Yes, just as we wish that French people all walked around in black turtlenecks smoking and being cynical (and sometimes they do) or wore striped boatnecks and carried baguettes in the crook of their arms (sometimes they do that, too), the French do think that Americans eat everything with ketchup and growth hormones. I talked to someone the other day who, during a discussion (which, in France, is interchangeable with ‘conversation’ – debate is a national pastime, and that’s a joke they make themselves) about religious differences between France and the United States, mentioned that while Scientology was merely a sect in France, in the US it was a respected and widely-held belief system. Ah, non, I hastened to assure him. He stared goggle-eyed and disbelieving at me as I tried to explain that even Americans have difficulty with a religion that propounds that we were all left here by aliens in spaceships, let alone disavowing medication. I could see the wheels turning as he knitted his eyebrows and contemplated the ends of his scarf. Finally, he raised his eyes to me with an expression of feeble incomprehension and choked out ‘Buht … buht … Tohm Kroowise … ?’

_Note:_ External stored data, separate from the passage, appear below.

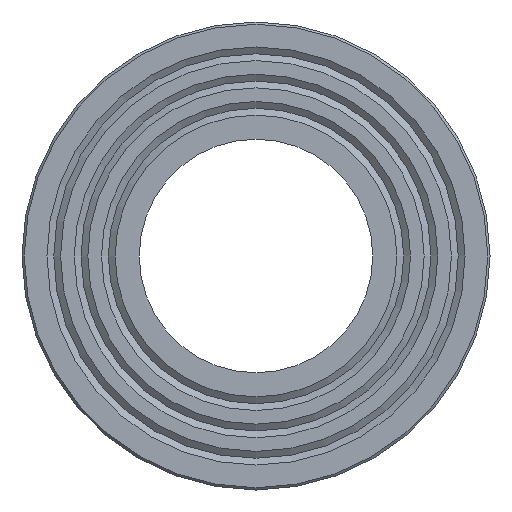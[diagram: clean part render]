
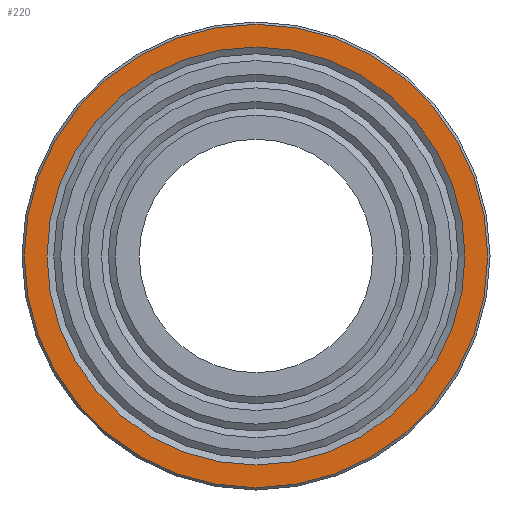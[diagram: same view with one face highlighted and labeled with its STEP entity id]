
A CAD part, left-side view. The second image highlights one B-rep face of the part: STEP entity #220.
In plain terms, the highlighted planar face has unit normal (-1, 0, 0).
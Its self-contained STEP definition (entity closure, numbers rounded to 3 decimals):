
#34=ORIENTED_EDGE('',*,*,#74,.F.);
#35=ORIENTED_EDGE('',*,*,#75,.T.);
#74=EDGE_CURVE('',#94,#94,#114,.T.);
#75=EDGE_CURVE('',#95,#95,#115,.F.);
#94=VERTEX_POINT('',#378);
#95=VERTEX_POINT('',#380);
#114=CIRCLE('',#254,46.);
#115=CIRCLE('',#255,51.);
#134=EDGE_LOOP('',(#34));
#135=EDGE_LOOP('',(#35));
#174=FACE_BOUND('',#134,.T.);
#175=FACE_BOUND('',#135,.T.);
#214=PLANE('',#253);
#220=ADVANCED_FACE('',(#174,#175),#214,.F.);
#253=AXIS2_PLACEMENT_3D('',#376,#295,#296);
#254=AXIS2_PLACEMENT_3D('',#377,#297,#298);
#255=AXIS2_PLACEMENT_3D('',#379,#299,#300);
#295=DIRECTION('',(1.,0.,0.));
#296=DIRECTION('',(0.,0.,-1.));
#297=DIRECTION('',(-1.,0.,0.));
#298=DIRECTION('',(0.,0.,1.));
#299=DIRECTION('',(1.,0.,0.));
#300=DIRECTION('',(0.,0.,-1.));
#376=CARTESIAN_POINT('',(0.,0.,51.5));
#377=CARTESIAN_POINT('',(0.,0.,0.));
#378=CARTESIAN_POINT('',(0.,0.,46.));
#379=CARTESIAN_POINT('',(0.,0.,0.));
#380=CARTESIAN_POINT('',(0.,0.,-51.));
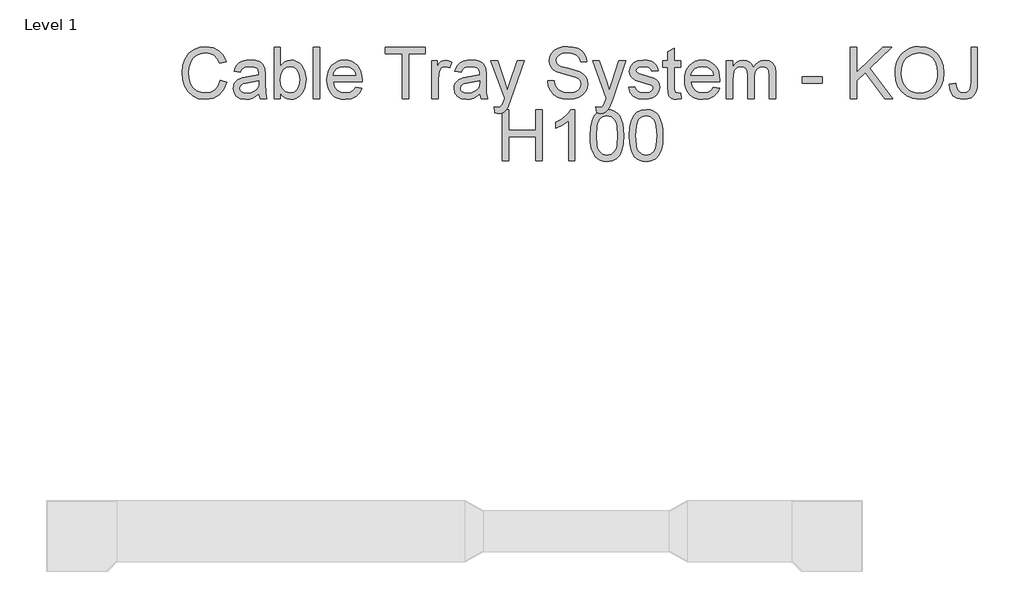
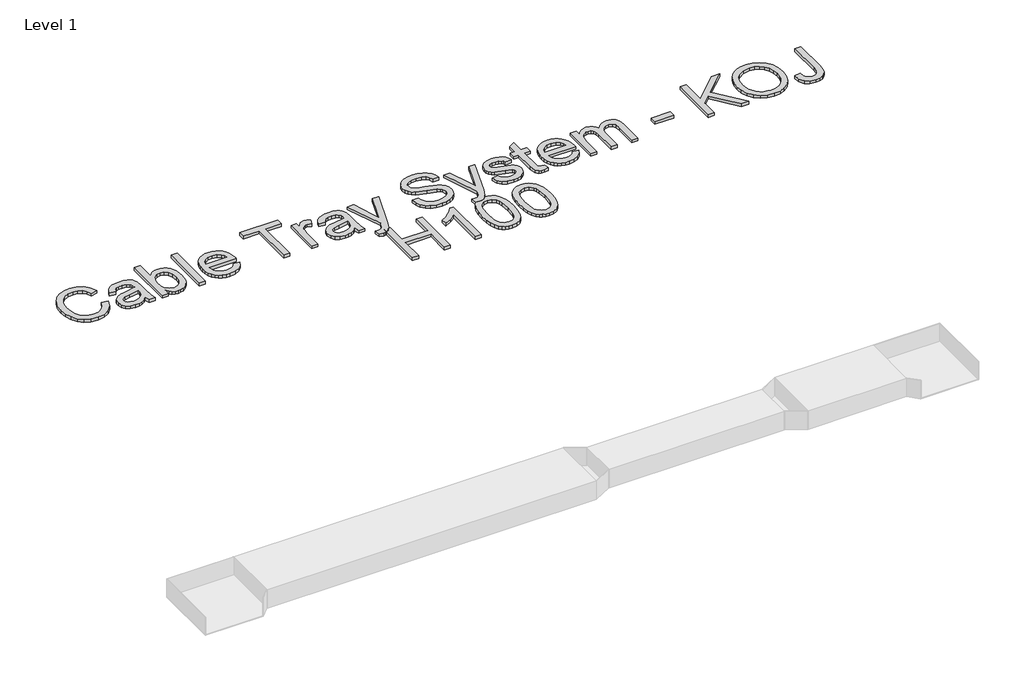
# One storey, part 99 of 106: 1 proxy.
"""IFC4 building model written with IfcOpenShell, lengths in millimetres."""

from ifc_helpers import new_model, si_unit, origin, origin_with_axes, place, context, project, spatial, polyline, outline, extrude, element, save

model = new_model("IFC4")

# Units and contexts
model_context = context("Model", 3, world=origin())
ifc_project = project(units=[si_unit("LENGTHUNIT", "METRE", prefix="MILLI")], contexts=[model_context])

# Site, building, storey
site = spatial("IfcSite", under=ifc_project)
building = spatial("IfcBuilding", under=site)
storey = spatial("IfcBuildingStorey", under=building, Name="Level 1", Elevation=0.0)

# Proxy
placement = place(None, origin())
element("IfcBuildingElementProxy", 1, Name="250mm Arial 3", ObjectType="250mm Arial 3", at=placement, inside=storey, context=model_context, shape_type="SweptSolid", body=[
    extrude(outline(polyline([(165659.6286386, 48792.4106539), (165691.0212356, 48784.31725), (165676.535882, 48747.7359841), (165653.8038404, 48721.01089), (165623.9440851, 48704.6631338), (165588.0755906, 48699.2138818), (165551.6629373, 48703.3372258), (165522.7458796, 48715.7072579), (165500.5809894, 48735.8947824), (165484.4248384, 48763.4706036), (165474.5610024, 48795.8902044), (165471.2730571, 48830.6090677), (165474.9901981, 48867.2286547), (165486.1416211, 48898.8511778), (165504.1448462, 48924.472626), (165528.4173937, 48943.0889877), (165557.2041598, 48954.4243517), (165588.7500409, 48958.2028064), (165623.1700001, 48953.3130415), (165651.6272053, 48938.643747), (165673.2326083, 48915.0992993), (165687.097161, 48883.584075), (165655.704564, 48876.1038078), (165644.8213883, 48898.9967978), (165629.9528244, 48914.7007605), (165610.9149311, 48923.7828472), (165587.5237676, 48926.8102095), (165560.561083, 48923.4532863), (165538.4115212, 48913.3825166), (165521.6039126, 48897.6555613), (165510.6670874, 48877.3300811), (165504.6660124, 48854.3527848), (165502.665654, 48830.6703814), (165505.0338944, 48801.6690174), (165512.1386154, 48776.5917281), (165524.2480644, 48756.3965394), (165541.6304887, 48742.0414774), (165562.4694709, 48733.4652284), (165584.9485936, 48730.6064787), (165611.1525216, 48734.4998965), (165632.9878508, 48746.1801498), (165649.4735627, 48765.5246114), (165659.6286386, 48792.4106539)])), origin_with_axes(), (0.0, 0.0, 1.0), 15.0),
    extrude(outline(polyline([(165847.9842202, 48726.6824041), (165832.9853647, 48713.8218627), (165817.5419851, 48705.406562), (165801.3015278, 48700.7620518), (165783.9114394, 48699.2138818), (165757.6768546, 48702.938687), (165738.3247288, 48714.1131026), (165726.3915566, 48731.0816596), (165722.4138325, 48752.1888891), (165723.9160173, 48765.2027147), (165728.4225717, 48777.0209238), (165744.2108407, 48795.0471415), (165766.1917899, 48805.3478374), (165793.3537439, 48810.0689897), (165847.8002792, 48820.8601949), (165847.9842202, 48827.8499528), (165845.8229135, 48841.8601254), (165839.3389933, 48851.0265185), (165824.8383113, 48857.8323354), (165804.6354584, 48860.100941), (165785.9347903, 48858.591092), (165772.8749795, 48854.0615449), (165763.9691695, 48845.6845653), (165757.730504, 48832.6324187), (165726.3379071, 48836.5564933), (165731.7871592, 48853.7243198), (165739.9188841, 48867.2133262), (165751.4918385, 48877.5293505), (165767.2647791, 48885.1782303), (165786.5555912, 48889.914711), (165808.6821604, 48891.4935379), (165829.904353, 48890.098652), (165846.72729, 48885.9139943), (165859.4115547, 48879.6216794), (165868.2177299, 48871.9038217), (165877.8439755, 48850.5973228), (165879.3768171, 48823.1288005), (165879.3768171, 48784.0719953), (165880.9709724, 48729.5334895), (165887.2249663, 48703.1379564), (165855.8323694, 48703.1379564), (165847.9842202, 48726.6824041)]), holes=[polyline([(165847.9842202, 48789.4675979), (165797.3391322, 48779.8413524), (165770.3304624, 48774.7523181), (165758.098386, 48766.4749732), (165753.8064294, 48754.3961811), (165756.1440129, 48745.0611754), (165763.1567635, 48737.4122956), (165774.6913968, 48732.3079329), (165790.5946289, 48730.6064787), (165807.455887, 48732.4842097), (165822.3551078, 48738.1174028), (165834.4339, 48746.4177403), (165842.8338722, 48756.2969047), (165846.5586774, 48766.4749732), (165847.8002792, 48780.5771164), (165847.9842202, 48789.4675979)])]), origin_with_axes(), (0.0, 0.0, 1.0), 15.0),
    extrude(outline(polyline([(165953.9342348, 48703.1379564), (165922.5416379, 48703.1379564), (165922.5416379, 48954.2787318), (165953.9342348, 48954.2787318), (165953.9342348, 48861.1432733), (165964.2579233, 48874.4215141), (165975.915184, 48883.9059718), (165988.906017, 48889.5966464), (166003.2304221, 48891.4935379), (166019.4019015, 48889.7844195), (166034.6843327, 48884.6570642), (166048.2039961, 48876.4333687), (166059.0871717, 48865.4352299), (166074.078363, 48835.5448178), (166079.5046225, 48798.1128248), (166073.8867578, 48756.2049342), (166066.864427, 48739.2746982), (166057.0331639, 48725.0269351), (166045.2321993, 48713.7337243), (166032.300764, 48705.6671451), (166018.2388579, 48700.8271976), (166003.0464811, 48699.2138818), (165988.2507272, 48701.2947143), (165975.1334348, 48707.5372119), (165963.694604, 48717.9413746), (165953.9342348, 48732.5072023), (165953.9342348, 48703.1379564)]), holes=[polyline([(165953.9342348, 48796.6412968), (165956.0802131, 48770.4603615), (165962.518148, 48752.7407121), (165978.9655389, 48736.140037), (166000.3486798, 48730.6064787), (166018.4668681, 48734.6838375), (166033.9485687, 48746.9159138), (166044.5711614, 48767.2260656), (166048.1120256, 48795.5376509), (166044.7167813, 48824.2631033), (166034.5310486, 48844.3433289), (166019.5321931, 48856.161538), (166001.6975805, 48860.100941), (165983.5793922, 48856.0235822), (165968.0976916, 48843.7915059), (165957.475099, 48823.8492361), (165953.9342348, 48796.6412968)])]), origin_with_axes(), (0.0, 0.0, 1.0), 15.0),
    extrude(outline(polyline([(166114.821294, 48703.1379564), (166114.821294, 48954.2787318), (166146.2138909, 48954.2787318), (166146.2138909, 48703.1379564), (166114.821294, 48703.1379564)])), origin_with_axes(), (0.0, 0.0, 1.0), 15.0),
    extrude(outline(polyline([(166322.4293666, 48758.075001), (166353.2088269, 48754.1509264), (166342.1187176, 48730.9590323), (166324.4220608, 48713.6225933), (166300.5173953, 48702.8160596), (166270.80326, 48699.2138818), (166251.3246747, 48700.7678), (166233.9690752, 48705.4295547), (166218.7364613, 48713.1991458), (166205.6268332, 48724.0765733), (166195.0847147, 48737.759101), (166187.5546301, 48753.9439928), (166183.0365794, 48772.6312485), (166181.5305625, 48793.8208682), (166183.0519078, 48815.7290074), (166187.6159438, 48835.0389801), (166195.2226705, 48851.7507861), (166205.8720878, 48865.8644256), (166218.9472271, 48877.0771622), (166233.8311195, 48885.0862598), (166250.523765, 48889.8917184), (166269.0251637, 48891.4935379), (166286.9306701, 48889.8955505), (166303.1232261, 48885.1015883), (166317.6028315, 48877.1116512), (166330.3694864, 48865.9257393), (166340.7908935, 48851.8427566), (166348.2347557, 48835.1616074), (166352.7010731, 48815.8822916), (166354.1898455, 48794.0048092), (166354.0059045, 48785.5435233), (166212.9231594, 48785.5435233), (166218.357083, 48762.0450609), (166230.980034, 48744.7699355), (166249.197857, 48734.1473429), (166271.4163966, 48730.6064787), (166288.1243706, 48732.2466193), (166302.1958569, 48737.1670409), (166313.6308556, 48745.6743121), (166322.4293666, 48758.075001)]), holes=[polyline([(166212.9231594, 48816.9361202), (166322.7972486, 48816.9361202), (166318.5512773, 48833.5214669), (166310.2279471, 48845.3856612), (166291.9258179, 48856.4221211), (166268.9025363, 48860.100941), (166247.7416574, 48857.1655493), (166230.24427, 48848.359374), (166218.0811715, 48834.632777), (166212.9231594, 48816.9361202)])]), origin_with_axes(), (0.0, 0.0, 1.0), 15.0),
    extrude(outline(polyline([(166550.3935763, 48703.1379564), (166550.3935763, 48922.8861348), (166467.9880094, 48922.8861348), (166467.9880094, 48954.2787318), (166664.1917401, 48954.2787318), (166664.1917401, 48922.8861348), (166581.7861732, 48922.8861348), (166581.7861732, 48703.1379564), (166550.3935763, 48703.1379564)])), origin_with_axes(), (0.0, 0.0, 1.0), 15.0),
    extrude(outline(polyline([(166695.5843371, 48703.1379564), (166695.5843371, 48887.5694633), (166723.0528594, 48887.5694633), (166723.0528594, 48860.284882), (166733.2002711, 48876.1038078), (166742.5506051, 48885.423485), (166762.1709782, 48891.4935379), (166777.805963, 48889.0716481), (166793.6862024, 48881.8059787), (166783.2015656, 48853.6630061), (166761.1286459, 48860.100941), (166751.7553192, 48858.5527709), (166743.3783396, 48853.9082608), (166732.0659683, 48836.7404343), (166726.976934, 48800.0748621), (166726.976934, 48703.1379564), (166695.5843371, 48703.1379564)])), origin_with_axes(), (0.0, 0.0, 1.0), 15.0),
    extrude(outline(polyline([(166931.028814, 48726.6824041), (166916.0299585, 48713.8218627), (166900.5865789, 48705.406562), (166884.3461216, 48700.7620518), (166866.9560332, 48699.2138818), (166840.7214484, 48702.938687), (166821.3693226, 48714.1131026), (166809.4361504, 48731.0816596), (166805.4584263, 48752.1888891), (166806.9606111, 48765.2027147), (166811.4671655, 48777.0209238), (166827.2554345, 48795.0471415), (166849.2363837, 48805.3478374), (166876.3983377, 48810.0689897), (166930.844873, 48820.8601949), (166931.028814, 48827.8499528), (166928.8675073, 48841.8601254), (166922.3835871, 48851.0265185), (166907.8829051, 48857.8323354), (166887.6800522, 48860.100941), (166868.9793841, 48858.591092), (166855.9195733, 48854.0615449), (166847.0137633, 48845.6845653), (166840.7750978, 48832.6324187), (166809.3825009, 48836.5564933), (166814.831753, 48853.7243198), (166822.9634779, 48867.2133262), (166834.5364323, 48877.5293505), (166850.3093729, 48885.1782303), (166869.600185, 48889.914711), (166891.7267542, 48891.4935379), (166912.9489468, 48890.098652), (166929.7718838, 48885.9139943), (166942.4561485, 48879.6216794), (166951.2623237, 48871.9038217), (166960.8885693, 48850.5973228), (166962.4214109, 48823.1288005), (166962.4214109, 48784.0719953), (166964.0155662, 48729.5334895), (166970.2695601, 48703.1379564), (166938.8769632, 48703.1379564), (166931.028814, 48726.6824041)]), holes=[polyline([(166931.028814, 48789.4675979), (166880.383726, 48779.8413524), (166853.3750562, 48774.7523181), (166841.1429798, 48766.4749732), (166836.8510232, 48754.3961811), (166839.1886067, 48745.0611754), (166846.2013573, 48737.4122956), (166857.7359906, 48732.3079329), (166873.6392227, 48730.6064787), (166890.5004808, 48732.4842097), (166905.3997016, 48738.1174028), (166917.4784938, 48746.4177403), (166925.878466, 48756.2969047), (166929.6032712, 48766.4749732), (166930.844873, 48780.5771164), (166931.028814, 48789.4675979)])]), origin_with_axes(), (0.0, 0.0, 1.0), 15.0),
    extrude(outline(polyline([(167005.5862317, 48632.5046133), (167001.6621571, 48662.7322506), (167017.6037102, 48659.9731356), (167032.502931, 48663.4373577), (167041.6386672, 48673.0942601), (167050.2225804, 48696.2095122), (167052.6751271, 48703.8124067), (166985.9658586, 48887.5694633), (167019.0139245, 48887.5694633), (167054.4532234, 48785.1143277), (167066.7772702, 48744.1567989), (167079.101317, 48780.3931754), (167115.4603209, 48887.5694633), (167148.2631321, 48887.5694633), (167084.067724, 48698.7233725), (167067.3904069, 48657.7658437), (167058.8524789, 48644.6907044), (167049.1802481, 48635.6316103), (167037.9598472, 48630.3433066), (167024.7774091, 48628.5805387), (167005.5862317, 48632.5046133)])), origin_with_axes(), (0.0, 0.0, 1.0), 15.0),
    extrude(outline(polyline([(167264.5751563, 48789.4675979), (167295.9677532, 48789.4675979), (167299.5699311, 48772.0468526), (167306.0845081, 48758.0443442), (167316.2472482, 48746.9312422), (167330.7939154, 48738.1787164), (167348.5748785, 48732.4995381), (167368.4405062, 48730.6064787), (167385.9302294, 48732.0396856), (167401.2433175, 48736.3393065), (167413.6516706, 48743.1451234), (167422.427189, 48752.0969186), (167427.6465148, 48762.3746218), (167429.3862901, 48773.1581628), (167424.1746285, 48792.7478791), (167416.2345088, 48800.4963936), (167402.8374728, 48807.0033064), (167357.1281349, 48818.990128), (167307.923918, 48834.4718287), (167292.2965975, 48845.0331076), (167281.2218166, 48857.8323354), (167274.6229333, 48872.5936004), (167272.4233055, 48889.0409913), (167275.1440994, 48907.4274268), (167283.3064812, 48924.5722607), (167296.695853, 48939.1035995), (167315.0976169, 48949.64955), (167337.1858651, 48956.0644923), (167361.6346893, 48958.2028064), (167388.122193, 48955.9648576), (167411.2987587, 48949.2510112), (167430.3366519, 48938.1992229), (167444.4081382, 48922.9474485), (167453.3139482, 48904.4460498), (167456.8548124, 48883.6453887), (167425.4622155, 48883.6453887), (167419.6987309, 48902.3767136), (167407.6812524, 48915.8963769), (167388.9039422, 48924.0817513), (167362.8609627, 48926.8102095), (167336.2048464, 48924.1124082), (167317.9180456, 48916.0190043), (167307.3414382, 48904.1088247), (167303.8159024, 48889.9606963), (167306.3144343, 48877.8972325), (167313.81003, 48868.1943449), (167331.5296794, 48859.5184612), (167365.0682546, 48850.6586365), (167420.6184359, 48834.9010243), (167438.5143621, 48823.5120109), (167450.9993573, 48809.455853), (167458.3340046, 48792.8858348), (167460.778887, 48773.9552405), (167457.9661226, 48754.6031147), (167449.5278293, 48736.4006201), (167435.8088966, 48720.7349785), (167417.1542138, 48708.9934115), (167394.7210763, 48701.6587642), (167369.6667796, 48699.2138818), (167338.9103119, 48701.8503694), (167313.5954321, 48709.7598323), (167293.4309003, 48722.9729273), (167278.1254764, 48741.5203112), (167268.2999615, 48764.1143971), (167264.5751563, 48789.4675979)])), origin_with_axes(), (0.0, 0.0, 1.0), 15.0),
    extrude(outline(polyline([(167503.9437078, 48632.5046133), (167500.0196332, 48662.7322506), (167515.9611863, 48659.9731356), (167530.8604071, 48663.4373577), (167539.9961433, 48673.0942601), (167548.5800565, 48696.2095122), (167551.0326032, 48703.8124067), (167484.3233347, 48887.5694633), (167517.3714006, 48887.5694633), (167552.8106995, 48785.1143277), (167565.1347463, 48744.1567989), (167577.4587932, 48780.3931754), (167613.817797, 48887.5694633), (167646.6206083, 48887.5694633), (167582.4252001, 48698.7233725), (167565.747883, 48657.7658437), (167557.209955, 48644.6907044), (167547.5377242, 48635.6316103), (167536.3173234, 48630.3433066), (167523.1348852, 48628.5805387), (167503.9437078, 48632.5046133)])), origin_with_axes(), (0.0, 0.0, 1.0), 15.0),
    extrude(outline(polyline([(167660.9066924, 48758.075001), (167692.2992893, 48761.9990756), (167697.2503678, 48748.5713828), (167706.8306281, 48738.6998826), (167721.1013839, 48732.6298297), (167740.1239487, 48730.6064787), (167758.9165873, 48732.4612171), (167772.1296823, 48738.0254323), (167779.9471747, 48746.0881793), (167782.5530055, 48755.4385134), (167779.9318463, 48763.4399468), (167772.0683686, 48769.5406565), (167739.7560667, 48778.4924517), (167692.4832303, 48793.851525), (167680.5194013, 48801.5693827), (167671.8511818, 48811.7857723), (167666.5858707, 48823.8492361), (167664.830767, 48837.1083163), (167670.4716243, 48860.4994798), (167685.8613544, 48878.3724134), (167705.8189527, 48887.6614338), (167732.8276225, 48891.4935379), (167753.2604016, 48889.9530321), (167771.0260363, 48885.3315145), (167785.3121204, 48878.0811735), (167795.306248, 48868.6541974), (167801.9281239, 48856.3531432), (167806.0974532, 48840.4805679), (167774.7048563, 48836.5564933), (167770.7424606, 48846.4356577), (167762.9019756, 48853.8776039), (167751.1067591, 48858.5451067), (167735.2801691, 48860.100941), (167717.2539513, 48858.6140846), (167705.2364728, 48854.1535154), (167698.4766412, 48847.7155805), (167696.2233639, 48840.2966269), (167699.9634976, 48831.1608907), (167711.6744077, 48824.2324465), (167738.7137344, 48817.5492569), (167784.7909543, 48802.7726634), (167796.961717, 48795.7062634), (167806.1894237, 48786.0340326), (167812.0065577, 48773.7253142), (167813.9456024, 48758.7494513), (167811.6693326, 48743.2677507), (167804.840523, 48728.7057551), (167793.7197569, 48716.2054314), (167778.5676172, 48706.9087468), (167760.2654879, 48701.137598), (167739.694753, 48699.2138818), (167708.041573, 48702.9233586), (167684.9416494, 48714.0517889), (167669.5212625, 48732.4765455), (167660.9066924, 48758.075001)])), origin_with_axes(), (0.0, 0.0, 1.0), 15.0),
    extrude(outline(polyline([(167915.9715424, 48729.3188917), (167919.895617, 48702.2182514), (167896.412483, 48699.2138818), (167881.3446496, 48700.5167972), (167870.1089203, 48704.4255434), (167856.9877958, 48718.0984909), (167853.1863486, 48753.7217307), (167853.1863486, 48856.1768664), (167829.6419009, 48856.1768664), (167829.6419009, 48887.5694633), (167853.1863486, 48887.5694633), (167853.1863486, 48932.3897531), (167884.5789455, 48950.8451665), (167884.5789455, 48887.5694633), (167915.9715424, 48887.5694633), (167915.9715424, 48856.1768664), (167884.5789455, 48856.1768664), (167884.5789455, 48754.6414357), (167886.2344145, 48738.4546279), (167891.5993602, 48732.7218002), (167902.2985949, 48730.6064787), (167915.9715424, 48729.3188917)])), origin_with_axes(), (0.0, 0.0, 1.0), 15.0),
    extrude(outline(polyline([(168076.4907196, 48758.075001), (168107.2701799, 48754.1509264), (168096.1800706, 48730.9590323), (168078.4834138, 48713.6225933), (168054.5787483, 48702.8160596), (168024.864613, 48699.2138818), (168005.3860277, 48700.7678), (167988.0304282, 48705.4295547), (167972.7978143, 48713.1991458), (167959.6881862, 48724.0765733), (167949.1460677, 48737.759101), (167941.6159831, 48753.9439928), (167937.0979324, 48772.6312485), (167935.5919155, 48793.8208682), (167937.1132608, 48815.7290074), (167941.6772968, 48835.0389801), (167949.2840235, 48851.7507861), (167959.9334408, 48865.8644256), (167973.0085801, 48877.0771622), (167987.8924725, 48885.0862598), (168004.585118, 48889.8917184), (168023.0865167, 48891.4935379), (168040.9920231, 48889.8955505), (168057.1845791, 48885.1015883), (168071.6641845, 48877.1116512), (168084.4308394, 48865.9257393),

Go to France. Learn that, for Europeans, Washington D.C. may be the alleged capital of the United States (though many aren’t aware of the difference between that city and the state of Washington), and Manhattan may be the center of the universe for we huddled masses yearning to buy low, but the real encapsulation of all that is the Land of the Free beacons, brighter than the torch of Lady Liberty, from the other side of the continent. Screw Plymouth Rock. America is Hollywood.